EXERCISE REQUIREMENTS: Nothing but the images is to be left out of your exact copy of the entries.

[Dataset records]
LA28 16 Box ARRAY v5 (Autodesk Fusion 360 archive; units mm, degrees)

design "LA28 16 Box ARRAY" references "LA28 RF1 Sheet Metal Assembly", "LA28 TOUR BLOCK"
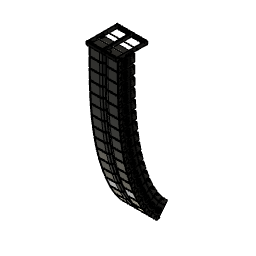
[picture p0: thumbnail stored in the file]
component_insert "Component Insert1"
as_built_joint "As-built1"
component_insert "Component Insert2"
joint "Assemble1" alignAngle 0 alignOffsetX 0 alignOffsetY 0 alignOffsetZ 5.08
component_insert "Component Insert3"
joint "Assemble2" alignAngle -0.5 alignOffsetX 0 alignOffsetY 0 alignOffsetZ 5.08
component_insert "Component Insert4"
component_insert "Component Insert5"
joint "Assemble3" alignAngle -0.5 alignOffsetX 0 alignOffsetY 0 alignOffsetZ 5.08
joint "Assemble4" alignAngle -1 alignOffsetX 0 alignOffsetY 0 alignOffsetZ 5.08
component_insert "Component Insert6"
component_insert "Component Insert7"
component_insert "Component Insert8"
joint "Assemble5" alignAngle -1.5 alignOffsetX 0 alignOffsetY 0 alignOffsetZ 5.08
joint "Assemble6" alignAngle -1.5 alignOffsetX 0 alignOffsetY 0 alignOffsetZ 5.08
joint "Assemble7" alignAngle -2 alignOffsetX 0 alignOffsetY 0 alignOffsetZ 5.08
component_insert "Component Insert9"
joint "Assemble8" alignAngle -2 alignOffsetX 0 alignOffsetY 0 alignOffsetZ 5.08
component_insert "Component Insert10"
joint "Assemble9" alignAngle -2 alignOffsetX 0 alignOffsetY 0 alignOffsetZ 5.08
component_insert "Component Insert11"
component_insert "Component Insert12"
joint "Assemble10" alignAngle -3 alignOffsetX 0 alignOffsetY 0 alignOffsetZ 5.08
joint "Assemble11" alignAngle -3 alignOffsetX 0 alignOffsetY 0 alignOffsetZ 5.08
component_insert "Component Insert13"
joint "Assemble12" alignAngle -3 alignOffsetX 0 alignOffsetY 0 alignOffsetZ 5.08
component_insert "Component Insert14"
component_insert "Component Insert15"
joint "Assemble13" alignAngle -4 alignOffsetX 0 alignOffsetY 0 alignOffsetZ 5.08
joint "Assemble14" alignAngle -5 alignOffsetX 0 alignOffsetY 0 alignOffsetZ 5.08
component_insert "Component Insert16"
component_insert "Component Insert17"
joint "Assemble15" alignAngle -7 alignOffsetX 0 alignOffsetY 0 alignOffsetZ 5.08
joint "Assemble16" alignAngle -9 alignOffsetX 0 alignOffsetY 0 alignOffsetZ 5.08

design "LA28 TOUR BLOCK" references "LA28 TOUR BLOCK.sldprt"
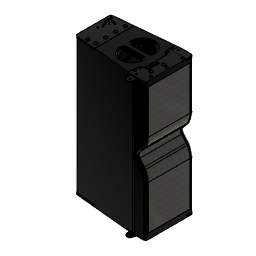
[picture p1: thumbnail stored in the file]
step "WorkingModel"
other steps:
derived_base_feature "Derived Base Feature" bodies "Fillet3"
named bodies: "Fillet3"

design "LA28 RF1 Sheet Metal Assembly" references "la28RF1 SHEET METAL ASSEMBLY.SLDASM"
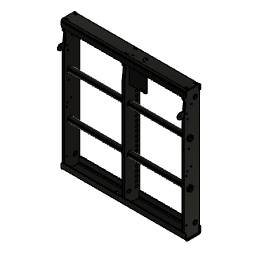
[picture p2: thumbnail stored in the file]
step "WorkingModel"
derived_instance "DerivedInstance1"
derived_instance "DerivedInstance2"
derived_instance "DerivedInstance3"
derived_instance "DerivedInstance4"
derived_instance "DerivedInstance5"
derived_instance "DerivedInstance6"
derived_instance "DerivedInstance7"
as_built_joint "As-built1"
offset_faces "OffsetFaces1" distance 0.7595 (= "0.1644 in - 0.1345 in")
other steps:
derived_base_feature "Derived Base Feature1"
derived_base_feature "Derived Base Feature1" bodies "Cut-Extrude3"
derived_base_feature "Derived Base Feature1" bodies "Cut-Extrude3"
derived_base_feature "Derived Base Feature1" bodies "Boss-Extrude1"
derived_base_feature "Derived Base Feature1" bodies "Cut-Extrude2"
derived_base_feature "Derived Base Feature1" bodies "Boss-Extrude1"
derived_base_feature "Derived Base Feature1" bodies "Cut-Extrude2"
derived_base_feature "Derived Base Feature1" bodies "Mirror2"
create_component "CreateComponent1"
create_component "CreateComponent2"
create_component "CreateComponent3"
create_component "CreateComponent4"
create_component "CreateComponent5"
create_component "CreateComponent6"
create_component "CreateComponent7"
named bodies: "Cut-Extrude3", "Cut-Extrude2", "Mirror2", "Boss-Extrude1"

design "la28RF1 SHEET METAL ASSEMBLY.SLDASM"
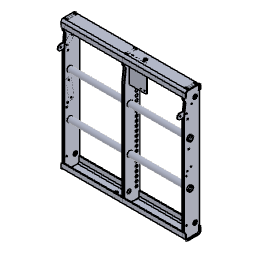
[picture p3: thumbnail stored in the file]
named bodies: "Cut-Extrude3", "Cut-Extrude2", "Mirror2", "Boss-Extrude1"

REPLY:
LA28 16 Box ARRAY v5 (Autodesk Fusion 360 archive; units mm, degrees)

design "LA28 16 Box ARRAY" references "LA28 RF1 Sheet Metal Assembly", "LA28 TOUR BLOCK"
[picture p0: thumbnail stored in the file]
component_insert "Component Insert1"
as_built_joint "As-built1"
component_insert "Component Insert2"
joint "Assemble1" alignAngle 0 alignOffsetX 0 alignOffsetY 0 alignOffsetZ 5.08
component_insert "Component Insert3"
joint "Assemble2" alignAngle -0.5 alignOffsetX 0 alignOffsetY 0 alignOffsetZ 5.08
component_insert "Component Insert4"
component_insert "Component Insert5"
joint "Assemble3" alignAngle -0.5 alignOffsetX 0 alignOffsetY 0 alignOffsetZ 5.08
joint "Assemble4" alignAngle -1 alignOffsetX 0 alignOffsetY 0 alignOffsetZ 5.08
component_insert "Component Insert6"
component_insert "Component Insert7"
component_insert "Component Insert8"
joint "Assemble5" alignAngle -1.5 alignOffsetX 0 alignOffsetY 0 alignOffsetZ 5.08
joint "Assemble6" alignAngle -1.5 alignOffsetX 0 alignOffsetY 0 alignOffsetZ 5.08
joint "Assemble7" alignAngle -2 alignOffsetX 0 alignOffsetY 0 alignOffsetZ 5.08
component_insert "Component Insert9"
joint "Assemble8" alignAngle -2 alignOffsetX 0 alignOffsetY 0 alignOffsetZ 5.08
component_insert "Component Insert10"
joint "Assemble9" alignAngle -2 alignOffsetX 0 alignOffsetY 0 alignOffsetZ 5.08
component_insert "Component Insert11"
component_insert "Component Insert12"
joint "Assemble10" alignAngle -3 alignOffsetX 0 alignOffsetY 0 alignOffsetZ 5.08
joint "Assemble11" alignAngle -3 alignOffsetX 0 alignOffsetY 0 alignOffsetZ 5.08
component_insert "Component Insert13"
joint "Assemble12" alignAngle -3 alignOffsetX 0 alignOffsetY 0 alignOffsetZ 5.08
component_insert "Component Insert14"
component_insert "Component Insert15"
joint "Assemble13" alignAngle -4 alignOffsetX 0 alignOffsetY 0 alignOffsetZ 5.08
joint "Assemble14" alignAngle -5 alignOffsetX 0 alignOffsetY 0 alignOffsetZ 5.08
component_insert "Component Insert16"
component_insert "Component Insert17"
joint "Assemble15" alignAngle -7 alignOffsetX 0 alignOffsetY 0 alignOffsetZ 5.08
joint "Assemble16" alignAngle -9 alignOffsetX 0 alignOffsetY 0 alignOffsetZ 5.08

design "LA28 TOUR BLOCK" references "LA28 TOUR BLOCK.sldprt"
[picture p1: thumbnail stored in the file]
step "WorkingModel"
other steps:
derived_base_feature "Derived Base Feature" bodies "Fillet3"
named bodies: "Fillet3"

design "LA28 RF1 Sheet Metal Assembly" references "la28RF1 SHEET METAL ASSEMBLY.SLDASM"
[picture p2: thumbnail stored in the file]
step "WorkingModel"
derived_instance "DerivedInstance1"
derived_instance "DerivedInstance2"
derived_instance "DerivedInstance3"
derived_instance "DerivedInstance4"
derived_instance "DerivedInstance5"
derived_instance "DerivedInstance6"
derived_instance "DerivedInstance7"
as_built_joint "As-built1"
offset_faces "OffsetFaces1" distance 0.7595 (= "0.1644 in - 0.1345 in")
other steps:
derived_base_feature "Derived Base Feature1"
derived_base_feature "Derived Base Feature1" bodies "Cut-Extrude3"
derived_base_feature "Derived Base Feature1" bodies "Cut-Extrude3"
derived_base_feature "Derived Base Feature1" bodies "Boss-Extrude1"
derived_base_feature "Derived Base Feature1" bodies "Cut-Extrude2"
derived_base_feature "Derived Base Feature1" bodies "Boss-Extrude1"
derived_base_feature "Derived Base Feature1" bodies "Cut-Extrude2"
derived_base_feature "Derived Base Feature1" bodies "Mirror2"
create_component "CreateComponent1"
create_component "CreateComponent2"
create_component "CreateComponent3"
create_component "CreateComponent4"
create_component "CreateComponent5"
create_component "CreateComponent6"
create_component "CreateComponent7"
named bodies: "Cut-Extrude3", "Cut-Extrude2", "Mirror2", "Boss-Extrude1"

design "la28RF1 SHEET METAL ASSEMBLY.SLDASM"
[picture p3: thumbnail stored in the file]
named bodies: "Cut-Extrude3", "Cut-Extrude2", "Mirror2", "Boss-Extrude1"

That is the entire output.